- ASSIGNMENT
All pictures are to be skipped; retype only the lines from the top of the entries through the line with "end of sweep", both included.

- THE DATA
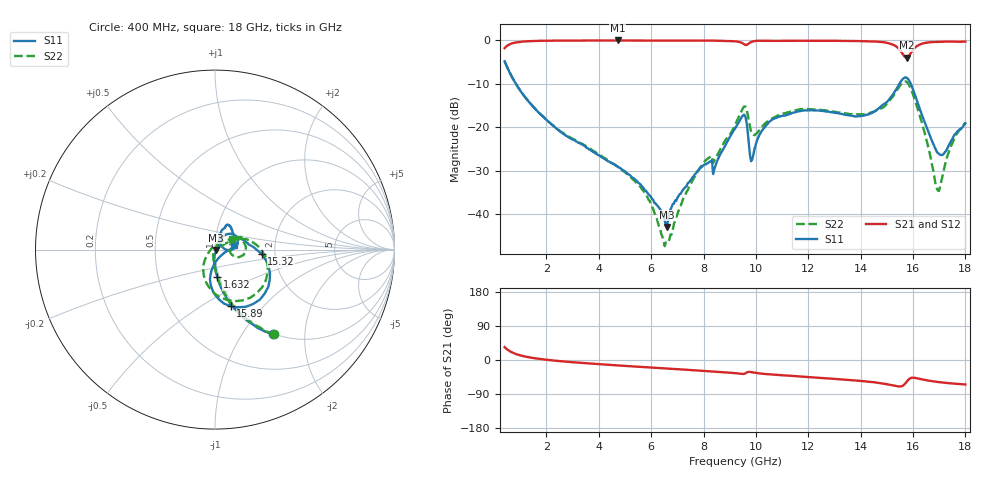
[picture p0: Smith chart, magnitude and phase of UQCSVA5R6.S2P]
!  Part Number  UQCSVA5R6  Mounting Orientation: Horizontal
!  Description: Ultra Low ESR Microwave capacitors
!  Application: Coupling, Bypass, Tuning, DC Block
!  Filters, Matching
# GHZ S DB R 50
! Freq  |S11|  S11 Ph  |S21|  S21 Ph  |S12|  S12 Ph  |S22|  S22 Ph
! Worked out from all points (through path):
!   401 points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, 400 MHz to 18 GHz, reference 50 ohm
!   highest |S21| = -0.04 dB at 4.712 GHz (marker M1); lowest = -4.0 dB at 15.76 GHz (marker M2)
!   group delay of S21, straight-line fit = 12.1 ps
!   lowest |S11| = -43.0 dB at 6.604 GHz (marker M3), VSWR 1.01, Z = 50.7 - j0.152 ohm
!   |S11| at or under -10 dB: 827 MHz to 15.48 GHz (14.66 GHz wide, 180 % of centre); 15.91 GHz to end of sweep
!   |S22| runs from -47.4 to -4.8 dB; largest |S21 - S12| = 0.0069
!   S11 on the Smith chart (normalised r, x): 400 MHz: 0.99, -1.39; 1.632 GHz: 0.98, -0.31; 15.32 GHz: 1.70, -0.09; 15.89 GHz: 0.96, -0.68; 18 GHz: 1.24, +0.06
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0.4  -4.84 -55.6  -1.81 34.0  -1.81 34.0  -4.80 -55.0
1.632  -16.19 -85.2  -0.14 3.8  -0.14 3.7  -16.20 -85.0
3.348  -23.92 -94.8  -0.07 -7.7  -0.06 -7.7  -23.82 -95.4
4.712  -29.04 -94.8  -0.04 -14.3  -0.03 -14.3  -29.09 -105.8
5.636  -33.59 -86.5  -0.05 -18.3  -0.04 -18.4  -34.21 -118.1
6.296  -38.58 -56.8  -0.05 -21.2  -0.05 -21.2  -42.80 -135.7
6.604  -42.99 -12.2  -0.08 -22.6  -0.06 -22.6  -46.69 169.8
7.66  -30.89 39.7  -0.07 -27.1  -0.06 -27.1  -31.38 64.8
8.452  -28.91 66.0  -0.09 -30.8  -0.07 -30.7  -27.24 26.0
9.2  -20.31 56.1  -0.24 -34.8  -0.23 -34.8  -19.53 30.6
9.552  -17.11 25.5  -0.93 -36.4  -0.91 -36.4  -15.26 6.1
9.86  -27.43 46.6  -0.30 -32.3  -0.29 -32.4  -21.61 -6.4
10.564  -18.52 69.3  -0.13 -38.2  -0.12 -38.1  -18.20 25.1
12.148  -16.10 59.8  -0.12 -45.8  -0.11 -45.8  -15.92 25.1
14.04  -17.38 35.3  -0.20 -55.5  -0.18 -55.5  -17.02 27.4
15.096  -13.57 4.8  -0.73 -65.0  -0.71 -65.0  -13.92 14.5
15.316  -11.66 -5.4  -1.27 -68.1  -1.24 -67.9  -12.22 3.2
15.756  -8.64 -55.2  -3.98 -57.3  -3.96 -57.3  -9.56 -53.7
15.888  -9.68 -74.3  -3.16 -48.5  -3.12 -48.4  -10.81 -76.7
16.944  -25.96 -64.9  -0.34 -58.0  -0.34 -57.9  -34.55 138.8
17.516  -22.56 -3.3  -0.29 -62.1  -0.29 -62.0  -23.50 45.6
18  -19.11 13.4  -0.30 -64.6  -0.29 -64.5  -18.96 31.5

- REPLY TO THE EXERCISE
[picture p0: Smith chart, magnitude and phase of UQCSVA5R6.S2P]
!  Part Number  UQCSVA5R6  Mounting Orientation: Horizontal
!  Description: Ultra Low ESR Microwave capacitors
!  Application: Coupling, Bypass, Tuning, DC Block
!  Filters, Matching
# GHZ S DB R 50
! Freq  |S11|  S11 Ph  |S21|  S21 Ph  |S12|  S12 Ph  |S22|  S22 Ph
! Worked out from all points (through path):
!   401 points, 400 MHz to 18 GHz, reference 50 ohm
!   highest |S21| = -0.04 dB at 4.712 GHz (marker M1); lowest = -4.0 dB at 15.76 GHz (marker M2)
!   group delay of S21, straight-line fit = 12.1 ps
!   lowest |S11| = -43.0 dB at 6.604 GHz (marker M3), VSWR 1.01, Z = 50.7 - j0.152 ohm
!   |S11| at or under -10 dB: 827 MHz to 15.48 GHz (14.66 GHz wide, 180 % of centre); 15.91 GHz to end of sweep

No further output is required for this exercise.